**Task brief:**
All of the data below should be set down again verbatim, without any images.

**Collected data entries:**
+---+

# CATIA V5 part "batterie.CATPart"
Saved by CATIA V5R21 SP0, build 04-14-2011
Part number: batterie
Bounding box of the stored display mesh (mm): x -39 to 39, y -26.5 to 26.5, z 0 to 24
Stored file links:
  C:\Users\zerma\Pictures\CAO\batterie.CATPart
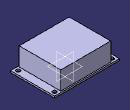
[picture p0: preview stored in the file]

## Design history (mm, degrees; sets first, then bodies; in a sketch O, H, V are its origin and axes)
Body1 (main body)
  Sketch1 on xy-plane, origin (0, 0, 0), H (1, 0, 0), V (0, 1, 0)
    line L1 (-39, 26.5) -> (39, 26.5)
    line L2 (-39, -26.5) -> (-39, 26.5)
    circle A1 centre (-34.4, 21.9) radius 2.3
    point P4 (-34.4, 21.9)
    point P5 (-39, 53)
    point P6 (-39, 0)
    line L3 (-39, -26.5) -> (39, -26.5)
    point P7 (39, -26.5)
    line L4 (39, 26.5) -> (39, -26.5)
    point P8 (39, -26.5)
    circle A2 centre (34.4, 21.9) radius 2.3
    circle A3 centre (34.4, -21.9) radius 2.3
    circle A4 centre (-34.4, -21.9) radius 2.3
    length L1 = 78
    length L2 = 53
    radius A1 = 2.3
    distance P4 L1 = 4.6
    distance P4 L2 = 4.6
    horizontal: L1 H, L3 H
    vertical: L2 V, L4 V
    symmetry: L1 L3 H, L2 L4 V, A1 A2 V, A2 A3 H, A3 A4 V
    coincidence: P8 L3, P7 P8
  Pad1: profile Sketch1, direction (0, 0, 1), length 2
  Sketch2 on end face of Pad1, origin (0, 0, 2), H (1, 0, 0), V (0, 1, 0)
    line L1 (30, 25) -> (30, -25)
    line L2 (30, -25) -> (-30, -25)
    line L3 (-30, -25) -> (-30, 25)
    line L4 (-30, 25) -> (30, 25)
    length L1 = 50
    vertical: L1 V, L3 V
    horizontal: L2 H, L4 H
    equidistance: L1 L3 O, L2 L4 O
  Pad2: profile Sketch2, direction (0, 0, 1), length 22

+---+

**Reply:**
# CATIA V5 part "batterie.CATPart"
Saved by CATIA V5R21 SP0, build 04-14-2011
Part number: batterie
Bounding box of the stored display mesh (mm): x -39 to 39, y -26.5 to 26.5, z 0 to 24
Stored file links:
  C:\Users\zerma\Pictures\CAO\batterie.CATPart
[picture p0: preview stored in the file]

## Design history (mm, degrees; sets first, then bodies; in a sketch O, H, V are its origin and axes)
Body1 (main body)
  Sketch1 on xy-plane, origin (0, 0, 0), H (1, 0, 0), V (0, 1, 0)
    line L1 (-39, 26.5) -> (39, 26.5)
    line L2 (-39, -26.5) -> (-39, 26.5)
    circle A1 centre (-34.4, 21.9) radius 2.3
    point P4 (-34.4, 21.9)
    point P5 (-39, 53)
    point P6 (-39, 0)
    line L3 (-39, -26.5) -> (39, -26.5)
    point P7 (39, -26.5)
    line L4 (39, 26.5) -> (39, -26.5)
    point P8 (39, -26.5)
    circle A2 centre (34.4, 21.9) radius 2.3
    circle A3 centre (34.4, -21.9) radius 2.3
    circle A4 centre (-34.4, -21.9) radius 2.3
    length L1 = 78
    length L2 = 53
    radius A1 = 2.3
    distance P4 L1 = 4.6
    distance P4 L2 = 4.6
    horizontal: L1 H, L3 H
    vertical: L2 V, L4 V
    symmetry: L1 L3 H, L2 L4 V, A1 A2 V, A2 A3 H, A3 A4 V
    coincidence: P8 L3, P7 P8
  Pad1: profile Sketch1, direction (0, 0, 1), length 2
  Sketch2 on end face of Pad1, origin (0, 0, 2), H (1, 0, 0), V (0, 1, 0)
    line L1 (30, 25) -> (30, -25)
    line L2 (30, -25) -> (-30, -25)
    line L3 (-30, -25) -> (-30, 25)
    line L4 (-30, 25) -> (30, 25)
    length L1 = 50
    vertical: L1 V, L3 V
    horizontal: L2 H, L4 H
    equidistance: L1 L3 O, L2 L4 O
  Pad2: profile Sketch2, direction (0, 0, 1), length 22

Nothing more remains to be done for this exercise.